The recommended way to install ACERIM is using the anaconda platform which can be downloaded from Continuum Analytics. Anaconda is useful because it:

  1. automatically solves package dependency conflicts, and

  2. conveniently manages your virtual environments, allowing you to separate packages with finicky dependencies from your main python installation.

The following section will describe how to create and activate a conda virtual environment to run ACERIM. For more on Anaconda virtual environments, see Managing Environments.

With anaconda and gdal installed, open a terminal/command line window and create a new conda environment using:

conda create --name env_name python=3.3 anaconda gdal

Replace env_name with your desired environment name. Listing anaconda will install all anaconda packages into the environment (including the required numpy, scipy, pandas, etc). This aooears to be the simplest way to avoid dependency issues in gdal, but does install unnecessary packages into the environment. For a lightweight install, see Manual Installation. Note that the python version in your environment must be between 2.7 to 3.3 for gdal to function.

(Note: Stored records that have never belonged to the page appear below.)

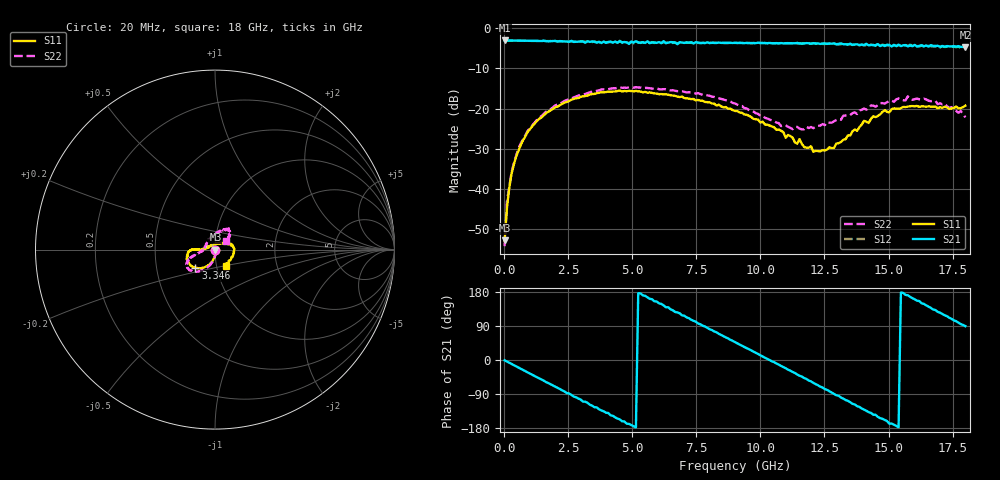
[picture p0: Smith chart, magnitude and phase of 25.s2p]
!Agilent Technologies,N5230A,US43500223,A.07.50.48
!Agilent N5230A: A.07.50.48
!Date: Saturday, January 16, 2016 11:05:13
!Correction: S11(Full 2 Port(1,2))
!S21(Full 2 Port(1,2))
!S12(Full 2 Port(1,2))
!S22(Full 2 Port(1,2))
!S2P File: Measurements: S11, S21, S12, S22:
# Hz S  dB  R 50
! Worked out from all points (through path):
!   201 points, 20 MHz to 18 GHz, reference 50 ohm
!   highest |S21| = -3.02 dB at 20 MHz (marker M1); lowest = -4.7 dB at 18 GHz (marker M2)
!   group delay of S21, straight-line fit = 97.1 ps
!   lowest |S11| = -52.9 dB at 20 MHz (marker M3), VSWR 1.00, Z = 50.2 - j0.0243 ohm
!   |S11| at or under -10 dB: start of sweep to end of sweep
!   |S22| runs from -54.3 to -14.7 dB; largest |S21 - S12| = 0.054
!   S11 on the Smith chart (normalised r, x): 20 MHz: 1.00, -0.00; 3.346 GHz: 0.79, -0.16; 18 GHz: 1.11, -0.20
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2e7  -52.91 -6.1  -3.02 -0.8  -3.01 -0.8  -54.34 -14.5
1.099e8  -44.90 -60.3  -3.03 -4.0  -3.02 -4.2  -43.29 -56.2
2.897e8  -36.31 -75.8  -3.04 -10.4  -3.04 -10.6  -36.00 -77.3
6.493e8  -29.10 -90.7  -3.07 -23.2  -3.07 -23.3  -28.69 -90.0
1.818e9  -20.45 -113.7  -3.18 -64.2  -3.14 -65.0  -20.16 -110.4
3.0766e9  -16.94 -133.5  -3.25 -109.8  -3.27 -109.2  -16.50 -126.7
3.3463e9  -16.54 -137.1  -3.37 -118.0  -3.44 -119.1  -15.92 -129.7
4.515e9  -15.48 -154.0  -3.22 -156.8  -3.09 -157.9  -14.68 -141.7
5.1443e9  -15.61 -161.6  -3.20 -178.0  -3.12 -179.0  -14.67 -147.7
6.0433e9  -16.42 -172.2  -3.42 149.6  -3.51 147.4  -15.19 -153.0
7.4817e9  -17.97 -179.8  -3.43 101.1  -3.61 98.6  -16.26 -158.8
8.2009e9  -18.78 -179.1  -3.63 75.3  -3.57 73.9  -17.11 -161.3
9.01e9  -20.59 179.3  -3.58 47.2  -3.63 45.4  -18.72 -164.6
9.909e9  -22.75 179.3  -3.58 15.9  -3.67 13.9  -21.33 -169.5
1.06282e10  -25.31 175.8  -3.67 -9.4  -3.69 -11.2  -23.51 -175.1
1.20666e10  -30.79 128.3  -3.68 -60.3  -3.73 -62.5  -24.90 138.6
1.3505e10  -26.74 49.1  -3.82 -111.4  -3.95 -113.8  -21.64 92.4
1.40444e10  -23.06 32.5  -4.13 -130.9  -4.30 -132.9  -20.00 81.3
1.50333e10  -20.94 16.4  -4.14 -168.0  -4.36 -168.8  -18.08 66.6
1.62919e10  -19.43 -6.4  -4.21 149.7  -4.23 147.4  -17.74 52.0
1.69212e10  -19.95 -24.1  -4.34 126.9  -4.43 123.2  -18.90 47.5
1.8e10  -19.28 -56.1  -4.70 89.3  -4.70 84.8  -22.20 36.4

Activate your new environment:

activate env_name

OS X, Unix, or powershell users may need to type source:

source activate env_name

With the environment active, install ACERIM from the Python Package Index (PyPI) using pip (python install package):

pip install acerim

If the installer completes without any errors, you can test that ACERIM and its dependencies are successfully install. If the following command runs error-free, then ACERIM was successfully installed!

python -c "import acerim"

Now that you have ACERIM installed, head over to /acerim/sample/tutorial.py to get started with your crater analytics!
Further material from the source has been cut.